1/6, czyli jak zmieścić kolekcję mundurów na jednej półce

Mundur ma swój niezaprzeczalny czar. Jednoznacznie wskazuje na przynależność jego właściciela do określonej służby, a dystynkcje i odznaki uzewnętrzniają specjalne umiejętności i zasługi. Społeczne zaufanie do człowieka noszącego mundur było wielokrotnie badane i potwierdzane przez proste eksperymenty psychologiczne. Siłą rzeczy mundur jest także obiektem pożądania kolekcjonerów. Paradoksalnie najważniejszy element, który jednoznacznie robi ze zwykłego człowieka żołnierza, marynarza, lotnika czy funkcjonariusza służb bezpieczeństwa, jest przedmiotem stosunkowo nietrwałym. Broń i elementy oporządzenia potrafią przeczekać długie lata na swojego szczęśliwego znalazcę i to nie zawsze w sprzyjających okolicznościach. Mundur z kolei jest bardziej wymagający i nawet w magazynie potrzebuje odpowiednich warunków. Znamy liczne opowieści poszukiwaczy o tym, jak to cudem wydobyty z mroków ziemi wrześniowy żołnierski płaszcz, z pozoru w dobrym stanie, nagle na oczach uszczęśliwionego odkrywcy zamienia się w proch pozostawiając na pocieszenie jedynie guziki. Z tego powodu oryginalne mundury, niezależnie od epoki z jakiej pochodzą, są bardzo wartościowymi artefaktami. Kosztownym nabytkiem jest nawet dobrej jakości replika od renomowanego producenta. Nawet gdy przezwyciężymy już wszystkie możliwe trudności i zdobędziemy upragniony oryginał lub zakupimy wymarzoną replikę, to pozostaje nam problem ekspozycji. Chowanie eksponatu w głębokiej szafie nie ma sensu. Więc może manekin? Świetne rozwiązanie. A co jeśli nasze zamiłowanie do munduru jest niczym apetyt i rośnie w miarę jedzenia? Mieszkanie czy dom ma ograniczony metraż a tu każdy nowy eksponat ma wymiary dorosłego domownika. Przecież nie zmieścimy ich na półce. Ale może jednak znajdzie się jakieś rozwiązanie? W przypadku oryginałów nie ma absolutnie żadnego innego wyjścia. Jednak jeżeli zadowolimy się replikami, to rozwiązaniem jest zmniejszenie swoich aspiracji kolekcjonerskich. I nie chodzi tu o ilość tylko o… wielkość. Kolekcjonerskie aspiracje co do wielkości należy bowiem zmniejszyć dokładnie sześciokrotnie.
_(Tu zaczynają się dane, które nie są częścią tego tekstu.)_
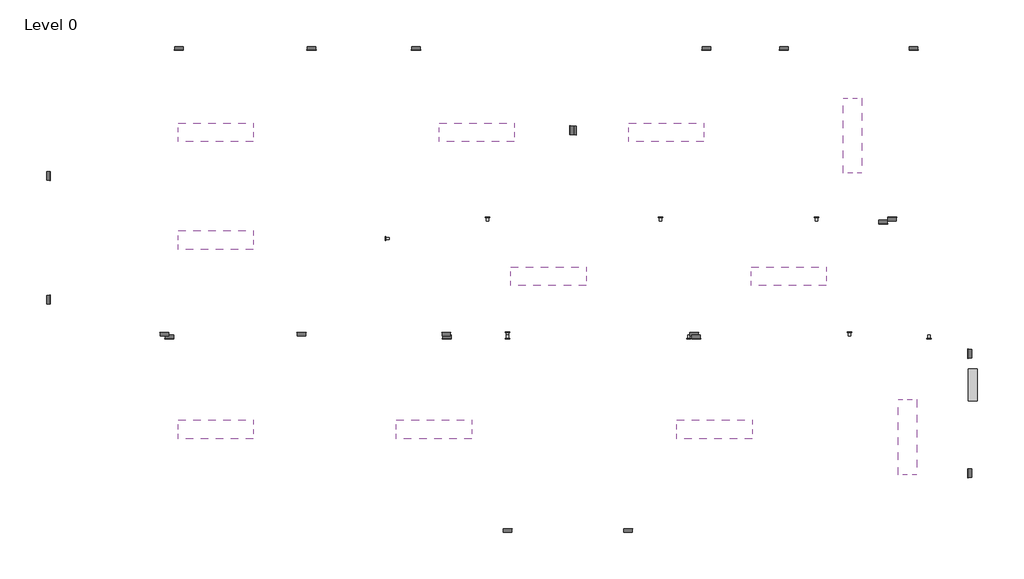
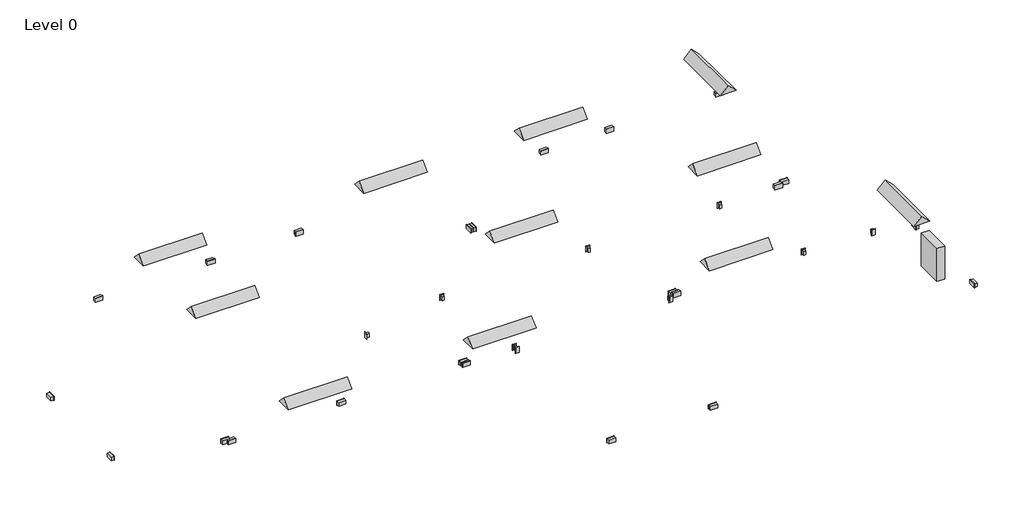
# One storey: 24 proxies, 11 light fixtures, 9 switching devices.
"""IFC4 building model written with IfcOpenShell, lengths in millimetres."""

import ifcopenshell
import ifcopenshell.guid

model = None  # the IFC model being written
_history = None  # IfcOwnerHistory: only IFC2X3 demands one
_inside = {}  # id of a spatial element -> (the spatial element, [elements in it])
_under = {}  # id of a project, library or spatial element -> (it, [spatial elements below it])
_declared = {}  # id of a project -> (the project, [libraries it declares])
_typed = {}  # id of a type object -> (the type object, [elements of that type])
_made_of = {}  # id of a material, layer set ... -> (it, [elements and type objects made of it])


def new_model(schema):
    """Start an empty IFC model of exactly this schema.

    Asked for "IFC4X3", IfcOpenShell would pick the latest addendum, in which some entities
    have other attributes; the version numbers below select the first issue.
    IFC2X3 requires an IfcOwnerHistory on every rooted entity: one is made here for all.
    """
    global model, _history
    if schema == "IFC4X3":
        model = ifcopenshell.file(schema_version=(4, 3, 0, 0))
    else:
        model = ifcopenshell.file(schema=schema)
    _inside.clear()
    _under.clear()
    _declared.clear()
    _typed.clear()
    _made_of.clear()
    _history = None
    if model.schema == "IFC2X3":
        org = make("IfcOrganization", Name="unknown")
        user = make(
            "IfcPersonAndOrganization",
            ThePerson=make("IfcPerson", FamilyName="unknown"),
            TheOrganization=org,
        )
        app = make(
            "IfcApplication",
            ApplicationDeveloper=org,
            Version="unknown",
            ApplicationFullName="unknown",
            ApplicationIdentifier="unknown",
        )
        _history = make(
            "IfcOwnerHistory",
            OwningUser=user,
            OwningApplication=app,
            ChangeAction="ADDED",
            CreationDate=0,
        )
    return model


def make(cls, **values):
    """One entity of the class cls with the attributes given. An attribute that is None is left unset."""
    return model.create_entity(
        cls, **{name: value for name, value in values.items() if value is not None}
    )


def rooted(cls, **values):
    """An entity with a GlobalId (a new one), such as an element, a storey or a relation."""
    return make(cls, GlobalId=ifcopenshell.guid.new(), OwnerHistory=_history, **values)


def si_unit(unit_type, name, prefix=None):
    """IfcSIUnit, for example si_unit("LENGTHUNIT", "METRE", prefix="MILLI")."""
    return make("IfcSIUnit", UnitType=unit_type, Prefix=prefix, Name=name)


def assignment(units):
    """IfcUnitAssignment: the units of a project."""
    return None if units is None else make("IfcUnitAssignment", Units=units)


def point(xyz):
    """IfcCartesianPoint."""
    return None if xyz is None else make("IfcCartesianPoint", Coordinates=xyz)


def direction(xyz):
    """IfcDirection."""
    return None if xyz is None else make("IfcDirection", DirectionRatios=xyz)


def frame(location, z_axis=None, x_axis=None):
    """IfcAxis2Placement3D, a coordinate frame: its origin and axes. An axis left out is left unset."""
    return make(
        "IfcAxis2Placement3D",
        Location=point(location),
        Axis=direction(z_axis),
        RefDirection=direction(x_axis),
    )


def origin():
    """The frame at (0, 0, 0) with its axes left unset."""
    return frame((0.0, 0.0, 0.0))


def origin_with_axes():
    """The frame at (0, 0, 0) with the z axis (0, 0, 1) and the x axis (1, 0, 0) written out."""
    return frame((0.0, 0.0, 0.0), z_axis=(0.0, 0.0, 1.0), x_axis=(1.0, 0.0, 0.0))


def place(relative_to, where):
    """IfcLocalPlacement: puts the frame where relative to a parent placement (None: the world)."""
    return make(
        "IfcLocalPlacement", PlacementRelTo=relative_to, RelativePlacement=where
    )


def context(
    kind, dimensions, precision=None, world=None, true_north=None, identifier=None
):
    """IfcGeometricRepresentationContext, for example the 3D "Model" context."""
    return make(
        "IfcGeometricRepresentationContext",
        ContextIdentifier=identifier,
        ContextType=kind,
        CoordinateSpaceDimension=dimensions,
        Precision=precision,
        WorldCoordinateSystem=world,
        TrueNorth=true_north,
    )


def project(units=None, contexts=None):
    """IfcProject with its units and contexts."""
    return rooted(
        "IfcProject",
        Name="project",
        RepresentationContexts=contexts,
        UnitsInContext=assignment(units),
    )


def spatial(cls, under=None, at=None, **own):
    """A site, building, storey or space (cls), placed at a placement, below another one or the project."""
    s = rooted(cls, ObjectPlacement=at, **own)
    if under is not None:
        _under.setdefault(under.id(), (under, []))[1].append(s)
    return s


def polyline(points):
    """IfcPolyline through the points."""
    return make("IfcPolyline", Points=[point(p) for p in points])


def outline(outer, holes=None, kind="AREA"):
    """IfcArbitraryClosedProfileDef: a profile drawn as a closed curve; with holes, ...WithVoids."""
    if holes is None:
        return make("IfcArbitraryClosedProfileDef", ProfileType=kind, OuterCurve=outer)
    return make(
        "IfcArbitraryProfileDefWithVoids",
        ProfileType=kind,
        OuterCurve=outer,
        InnerCurves=holes,
    )


def extrude(swept, where, along, depth):
    """IfcExtrudedAreaSolid: the profile swept, set in the frame where, extruded along a direction by depth."""
    return make(
        "IfcExtrudedAreaSolid",
        SweptArea=swept,
        Position=where,
        ExtrudedDirection=direction(along),
        Depth=depth,
    )


def shape(context_of_items, identifier, shape_type, items):
    """IfcShapeRepresentation: the items that make up one representation, for example the "Body"."""
    return make(
        "IfcShapeRepresentation",
        ContextOfItems=context_of_items,
        RepresentationIdentifier=identifier,
        RepresentationType=shape_type,
        Items=items,
    )


def source(mapping_origin, context_of_items, identifier, shape_type, items):
    """IfcRepresentationMap: a shape defined once, which mapped items show again and again."""
    return make(
        "IfcRepresentationMap",
        MappingOrigin=mapping_origin,
        MappedRepresentation=shape(context_of_items, identifier, shape_type, items),
    )


def transform(
    local_origin,
    x_axis=None,
    y_axis=None,
    z_axis=None,
    scale=None,
    scale2=None,
    scale3=None,
    uniform=True,
):
    """IfcCartesianTransformationOperator3D, or its non-uniform kind. x_axis, y_axis, z_axis: its Axis1, 2, 3."""
    if uniform:
        return make(
            "IfcCartesianTransformationOperator3D",
            Axis1=direction(x_axis),
            Axis2=direction(y_axis),
            LocalOrigin=point(local_origin),
            Scale=scale,
            Axis3=direction(z_axis),
        )
    return make(
        "IfcCartesianTransformationOperator3DnonUniform",
        Axis1=direction(x_axis),
        Axis2=direction(y_axis),
        LocalOrigin=point(local_origin),
        Scale=scale,
        Axis3=direction(z_axis),
        Scale2=scale2,
        Scale3=scale3,
    )


def mapped(mapping_source, mapping_target):
    """IfcMappedItem: shows the shape of a source again, moved by a transform."""
    return make(
        "IfcMappedItem", MappingSource=mapping_source, MappingTarget=mapping_target
    )


def made_of(thing, what):
    """Note that an element or type object is made of a material, layer set ...; save() writes the relation."""
    if what is not None:
        _made_of.setdefault(what.id(), (what, []))[1].append(thing)
    return thing


def element(
    cls,
    number,
    at=None,
    inside=None,
    cuts=None,
    type_object=None,
    material=None,
    context=None,
    identifier="Body",
    shape_type=None,
    held_by="IfcProductDefinitionShape",
    body=None,
    shapes=None,
    **own,
):
    """One element of the class cls, such as IfcWall. Its Tag is "e" and its number.

    at: its placement. inside: the storey or other place that contains it. cuts: it is an
    opening in that element (IfcRelVoidsElement). A single representation is given by context,
    identifier, shape_type and body (its items); several are given by shapes. held_by: the class
    of the entity that holds the representations. save() writes the other relations.
    """
    e = rooted(cls, Tag="e%d" % number, ObjectPlacement=at, **own)
    if body is not None:
        shapes = [shape(context, identifier, shape_type, body)]
    if shapes is not None:
        e.Representation = make(held_by, Representations=shapes)
    if inside is not None:
        _inside.setdefault(inside.id(), (inside, []))[1].append(e)
    if cuts is not None:
        rooted(
            "IfcRelVoidsElement", RelatingBuildingElement=cuts, RelatedOpeningElement=e
        )
    if type_object is not None:
        _typed.setdefault(type_object.id(), (type_object, []))[1].append(e)
    return made_of(e, material)


def aggregate(whole, parts):
    """IfcRelAggregates: a whole, such as a stair, and the parts it consists of."""
    return rooted("IfcRelAggregates", RelatingObject=whole, RelatedObjects=parts)


def save(model, path):
    """Write the relations noted so far, then the file.

    IfcRelAggregates (storeys below a building ...), IfcRelContainedInSpatialStructure (elements
    in a storey), IfcRelDefinesByType, IfcRelAssociatesMaterial and IfcRelDeclares: one each for
    every whole, place, type object, material and project.
    """
    for whole, parts in _under.values():
        aggregate(whole, parts)
    for where, things in _inside.values():
        rooted(
            "IfcRelContainedInSpatialStructure",
            RelatedElements=things,
            RelatingStructure=where,
        )
    for kind, things in _typed.values():
        rooted("IfcRelDefinesByType", RelatedObjects=things, RelatingType=kind)
    for what, things in _made_of.values():
        rooted("IfcRelAssociatesMaterial", RelatedObjects=things, RelatingMaterial=what)
    for by, libraries in _declared.values():
        rooted("IfcRelDeclares", RelatingContext=by, RelatedDefinitions=libraries)
    model.write(path)


def lighting_and_appliance_panelboard_400v_mlo_125_a_11cb7106(model_context):
    return source(origin(), model_context, "Body", "SweptSolid", [
        extrude(outline(polyline([(254.0, -660.4), (-254.0, -660.4), (-254.0, 0.0), (254.0, 0.0), (254.0, -660.4)])), frame((0.0, 0.0, -146.1), z_axis=(0.0, 0.0, 1.0), x_axis=(1.0, 0.0, 0.0)), (0.0, 0.0, 1.0), 146.1),
    ])


def twin_switched_socket_outlet_standard_0deee84c(model_context):
    return source(origin(), model_context, "Body", "SweptSolid", [
        extrude(outline(polyline([(67.5, 37.5), (67.5, -37.5), (-67.5, -37.5), (-67.5, 37.5), (67.5, 37.5)])), frame((0.0, 0.0, -53.975), z_axis=(0.0, 0.0, 1.0), x_axis=(1.0, 0.0, 0.0)), (0.0, 0.0, 1.0), 53.975),
        extrude(outline(polyline([(72.5, 42.5), (72.5, -42.5), (-72.5, -42.5), (-72.5, 42.5), (72.5, 42.5)])), origin_with_axes(), (0.0, 0.0, 1.0), 4.7625),
    ])


def plain_recessed_lighting_fixture_300x1200_230_e46e8774(model_context):
    return source(origin(), model_context, "Body", "SweptSolid", [
        extrude(outline(polyline([(-300.0, 0.0), (0.0, 0.0), (-150.0, -150.0), (-300.0, 0.0)])), frame((0.0, 0.0, 0.0), z_axis=(1.0, 0.0, 0.0), x_axis=(0.0, 1.0, 0.0)), (0.0, 0.0, 1.0), 1200.0),
    ])


def lighting_switches_one_way_switch_9cbd35ee(model_context):
    return source(origin(), model_context, "Body", "SweptSolid", [
        extrude(outline(polyline([(35.0, -114.0), (-35.0, -114.0), (-35.0, 0.0), (35.0, 0.0), (35.0, -114.0)])), origin_with_axes(), (0.0, 0.0, 1.0), 5.0),
        extrude(outline(polyline([(19.0, -95.0), (-19.0, -95.0), (-19.0, -19.0), (19.0, -19.0), (19.0, -95.0)])), frame((0.0, 0.0, -54.0), z_axis=(0.0, 0.0, 1.0), x_axis=(1.0, 0.0, 0.0)), (0.0, 0.0, 1.0), 54.0),
    ])


model = new_model("IFC4")

# Units and contexts
model_context = context("Model", 3, world=origin())
ifc_project = project(units=[si_unit("LENGTHUNIT", "METRE", prefix="MILLI")], contexts=[model_context])

# Site, building, storey
site = spatial("IfcSite", under=ifc_project)
building = spatial("IfcBuilding", under=site)
storey = spatial("IfcBuildingStorey", under=building, Name="Level 0", Elevation=0.0)

# Proxies
placement = place(None, origin())
lighting_and_appliance_panelboard_400v_mlo_125_a_shape = lighting_and_appliance_panelboard_400v_mlo_125_a_11cb7106(model_context)
element("IfcBuildingElementProxy", 1, Name="Lighting and Appliance Panelboard - 400V MLO : 125 A", ObjectType="Lighting and Appliance Panelboard - 400V MLO : 125 A", at=placement, inside=storey, context=model_context, shape_type="MappedRepresentation", body=[
    mapped(lighting_and_appliance_panelboard_400v_mlo_125_a_shape, transform((7333.0126521, -1228.5996446, 1200.0), x_axis=(0.0, -1.0, 0.0), y_axis=(0.0, 0.0, 1.0), z_axis=(-1.0, 0.0, 0.0))),
])
twin_switched_socket_outlet_standard_shape = twin_switched_socket_outlet_standard_0deee84c(model_context)
element("IfcBuildingElementProxy", 2, Name="Twin Switched Socket Outlet : Standard", ObjectType="Twin Switched Socket Outlet : Standard", at=placement, inside=storey, context=model_context, shape_type="MappedRepresentation", body=[
    mapped(twin_switched_socket_outlet_standard_shape, transform((7333.0126521, -731.9030192, 1200.0), x_axis=(0.0, -1.0, 0.0), y_axis=(0.0, 0.0, 1.0), z_axis=(-1.0, 0.0, 0.0))),
])
element("IfcBuildingElementProxy", 3, Name="Twin Switched Socket Outlet : Standard", ObjectType="Twin Switched Socket Outlet : Standard", at=placement, inside=storey, context=model_context, shape_type="MappedRepresentation", body=[
    mapped(twin_switched_socket_outlet_standard_shape, transform((7333.0126521, -2640.7763248, 1200.0), x_axis=(0.0, -1.0, 0.0), y_axis=(0.0, 0.0, 1.0), z_axis=(-1.0, 0.0, 0.0))),
])
element("IfcBuildingElementProxy", 4, Name="Twin Switched Socket Outlet : Standard", ObjectType="Twin Switched Socket Outlet : Standard", at=placement, inside=storey, context=model_context, shape_type="MappedRepresentation", body=[
    mapped(twin_switched_socket_outlet_standard_shape, transform((1908.0707872, -3530.9314954, 1200.0), x_axis=(-1.0, 0.0, 0.0), y_axis=(0.0, 0.0, 1.0), z_axis=(0.0, 1.0, 0.0))),
])
element("IfcBuildingElementProxy", 5, Name="Twin Switched Socket Outlet : Standard", ObjectType="Twin Switched Socket Outlet : Standard", at=placement, inside=storey, context=model_context, shape_type="MappedRepresentation", body=[
    mapped(twin_switched_socket_outlet_standard_shape, transform((2992.0804727, -488.4314954, 1200.0), x_axis=(1.0, 0.0, 0.0), y_axis=(0.0, 0.0, 1.0), z_axis=(0.0, -1.0, 0.0))),
])
element("IfcBuildingElementProxy", 6, Name="Twin Switched Socket Outlet : Standard", ObjectType="Twin Switched Socket Outlet : Standard", at=placement, inside=storey, context=model_context, shape_type="MappedRepresentation", body=[
    mapped(twin_switched_socket_outlet_standard_shape, transform((2958.20517, -393.4314954, 1200.0), x_axis=(-1.0, 0.0, 0.0), y_axis=(0.0, 0.0, 1.0), z_axis=(0.0, 1.0, 0.0))),
])
element("IfcBuildingElementProxy", 7, Name="Twin Switched Socket Outlet : Standard", ObjectType="Twin Switched Socket Outlet : Standard", at=placement, inside=storey, context=model_context, shape_type="MappedRepresentation", body=[
    mapped(twin_switched_socket_outlet_standard_shape, transform((-14.3526395, -3530.9314954, 1200.0), x_axis=(-1.0, 0.0, 0.0), y_axis=(0.0, 0.0, 1.0), z_axis=(0.0, 1.0, 0.0))),
])
element("IfcBuildingElementProxy", 8, Name="Twin Switched Socket Outlet : Standard", ObjectType="Twin Switched Socket Outlet : Standard", at=placement, inside=storey, context=model_context, shape_type="MappedRepresentation", body=[
    mapped(twin_switched_socket_outlet_standard_shape, transform((4391.3814995, 4119.0685046, 1200.0), x_axis=(1.0, 0.0, 0.0), y_axis=(0.0, 0.0, 1.0), z_axis=(0.0, -1.0, 0.0))),
])
element("IfcBuildingElementProxy", 9, Name="Twin Switched Socket Outlet : Standard", ObjectType="Twin Switched Socket Outlet : Standard", at=placement, inside=storey, context=model_context, shape_type="MappedRepresentation", body=[
    mapped(twin_switched_socket_outlet_standard_shape, transform((6460.720641, 4119.0685046, 1200.0), x_axis=(1.0, 0.0, 0.0), y_axis=(0.0, 0.0, 1.0), z_axis=(0.0, -1.0, 0.0))),
])
element("IfcBuildingElementProxy", 10, Name="Twin Switched Socket Outlet : Standard", ObjectType="Twin Switched Socket Outlet : Standard", at=placement, inside=storey, context=model_context, shape_type="MappedRepresentation", body=[
    mapped(twin_switched_socket_outlet_standard_shape, transform((3154.1965323, 4119.0685046, 1200.0), x_axis=(1.0, 0.0, 0.0), y_axis=(0.0, 0.0, 1.0), z_axis=(0.0, -1.0, 0.0))),
])
element("IfcBuildingElementProxy", 11, Name="Twin Switched Socket Outlet : Standard", ObjectType="Twin Switched Socket Outlet : Standard", at=placement, inside=storey, context=model_context, shape_type="MappedRepresentation", body=[
    mapped(twin_switched_socket_outlet_standard_shape, transform((-1477.8828984, 4119.0685046, 1200.0), x_axis=(1.0, 0.0, 0.0), y_axis=(0.0, 0.0, 1.0), z_axis=(0.0, -1.0, 0.0))),
])
element("IfcBuildingElementProxy", 12, Name="Twin Switched Socket Outlet : Standard", ObjectType="Twin Switched Socket Outlet : Standard", at=placement, inside=storey, context=model_context, shape_type="MappedRepresentation", body=[
    mapped(twin_switched_socket_outlet_standard_shape, transform((-994.5789843, -393.4314954, 1200.0), x_axis=(-1.0, 0.0, 0.0), y_axis=(0.0, 0.0, 1.0), z_axis=(0.0, 1.0, 0.0))),
])
element("IfcBuildingElementProxy", 13, Name="Twin Switched Socket Outlet : Standard", ObjectType="Twin Switched Socket Outlet : Standard", at=placement, inside=storey, context=model_context, shape_type="MappedRepresentation", body=[
    mapped(twin_switched_socket_outlet_standard_shape, transform((-983.8752261, -488.4314954, 1200.0), x_axis=(1.0, 0.0, 0.0), y_axis=(0.0, 0.0, 1.0), z_axis=(0.0, -1.0, 0.0))),
])
element("IfcBuildingElementProxy", 14, Name="Twin Switched Socket Outlet : Standard", ObjectType="Twin Switched Socket Outlet : Standard", at=placement, inside=storey, context=model_context, shape_type="MappedRepresentation", body=[
    mapped(twin_switched_socket_outlet_standard_shape, transform((-7316.9873479, 2106.2473929, 1200.0), x_axis=(0.0, 1.0, 0.0), y_axis=(0.0, 0.0, 1.0), z_axis=(1.0, 0.0, 0.0))),
])
element("IfcBuildingElementProxy", 15, Name="Twin Switched Socket Outlet : Standard", ObjectType="Twin Switched Socket Outlet : Standard", at=placement, inside=storey, context=model_context, shape_type="MappedRepresentation", body=[
    mapped(twin_switched_socket_outlet_standard_shape, transform((-7316.9873479, 133.0110122, 1200.0), x_axis=(0.0, 1.0, 0.0), y_axis=(0.0, 0.0, 1.0), z_axis=(1.0, 0.0, 0.0))),
])
element("IfcBuildingElementProxy", 16, Name="Twin Switched Socket Outlet : Standard", ObjectType="Twin Switched Socket Outlet : Standard", at=placement, inside=storey, context=model_context, shape_type="MappedRepresentation", body=[
    mapped(twin_switched_socket_outlet_standard_shape, transform((-5491.7999145, -393.4314954, 1200.0), x_axis=(-1.0, 0.0, 0.0), y_axis=(0.0, 0.0, 1.0), z_axis=(0.0, 1.0, 0.0))),
])
element("IfcBuildingElementProxy", 17, Name="Twin Switched Socket Outlet : Standard", ObjectType="Twin Switched Socket Outlet : Standard", at=placement, inside=storey, context=model_context, shape_type="MappedRepresentation", body=[
    mapped(twin_switched_socket_outlet_standard_shape, transform((-5410.6999104, -488.4314954, 1200.0), x_axis=(1.0, 0.0, 0.0), y_axis=(0.0, 0.0, 1.0), z_axis=(0.0, -1.0, 0.0))),
])
element("IfcBuildingElementProxy", 18, Name="Twin Switched Socket Outlet : Standard", ObjectType="Twin Switched Socket Outlet : Standard", at=placement, inside=storey, context=model_context, shape_type="MappedRepresentation", body=[
    mapped(twin_switched_socket_outlet_standard_shape, transform((-5260.1397144, 4119.0685046, 1200.0), x_axis=(1.0, 0.0, 0.0), y_axis=(0.0, 0.0, 1.0), z_axis=(0.0, -1.0, 0.0))),
])
element("IfcBuildingElementProxy", 19, Name="Twin Switched Socket Outlet : Standard", ObjectType="Twin Switched Socket Outlet : Standard", at=placement, inside=storey, context=model_context, shape_type="MappedRepresentation", body=[
    mapped(twin_switched_socket_outlet_standard_shape, transform((-3144.1513827, 4119.0685046, 1200.0), x_axis=(1.0, 0.0, 0.0), y_axis=(0.0, 0.0, 1.0), z_axis=(0.0, -1.0, 0.0))),
])
element("IfcBuildingElementProxy", 20, Name="Twin Switched Socket Outlet : Standard", ObjectType="Twin Switched Socket Outlet : Standard", at=placement, inside=storey, context=model_context, shape_type="MappedRepresentation", body=[
    mapped(twin_switched_socket_outlet_standard_shape, transform((-3304.0957389, -393.4314954, 1200.0), x_axis=(-1.0, 0.0, 0.0), y_axis=(0.0, 0.0, 1.0), z_axis=(0.0, 1.0, 0.0))),
])
element("IfcBuildingElementProxy", 21, Name="Twin Switched Socket Outlet : Standard", ObjectType="Twin Switched Socket Outlet : Standard", at=placement, inside=storey, context=model_context, shape_type="MappedRepresentation", body=[
    mapped(twin_switched_socket_outlet_standard_shape, transform((983.0126521, 2835.1015679, 1200.0), x_axis=(0.0, -1.0, 0.0), y_axis=(0.0, 0.0, 1.0), z_axis=(-1.0, 0.0, 0.0))),
])
element("IfcBuildingElementProxy", 22, Name="Twin Switched Socket Outlet : Standard", ObjectType="Twin Switched Socket Outlet : Standard", at=placement, inside=storey, context=model_context, shape_type="MappedRepresentation", body=[
    mapped(twin_switched_socket_outlet_standard_shape, transform((1078.0126521, 2831.4402609, 1200.0), x_axis=(0.0, 1.0, 0.0), y_axis=(0.0, 0.0, 1.0), z_axis=(1.0, 0.0, 0.0))),
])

Manekin jest doskonałą formą ekspozycji ale zajmuje tyle miejsca co dorosły domownik. Foto: autor.
Manekin jest doskonałą formą ekspozycji, ale zajmuje tyle miejsca co dorosły domownik. Foto: autor.

Nasza historia zacznie się nieco inaczej niż Księga Rodzaju. W tej opowieści pierwsza została stworzona kobieta, a ściślej jej miniatura w skali 1/6. Lilli powstała w 1955 roku, w Niemczech. Jej pierwowzorem była bohaterka odcinkowego komiksu z bulwarowej gazety Bild. Nie była to bynajmniej grzeczna dziewczynka. Pouczona przez policjanta, że jej dwuczęściowy kostium kąpielowy jest z powodów obyczajowych zakazany, zapytała którą część ma zdjąć. Podobnych przygód w komiksie miewała więcej, zatem trudno powiedzieć, że wyprodukowano ją z myślą o dzieciach. Niemniej jednak lalka o ciekawej mechanice i proporcjach dorosłej kobiety szybko zdobyła popularność wśród niemieckich dziewczynek. W 1959 roku firma Mattel wyprodukowała pierwszy egzemplarz Pani Barbary Millicent Roberts – znanej powszechnie jako Barbie.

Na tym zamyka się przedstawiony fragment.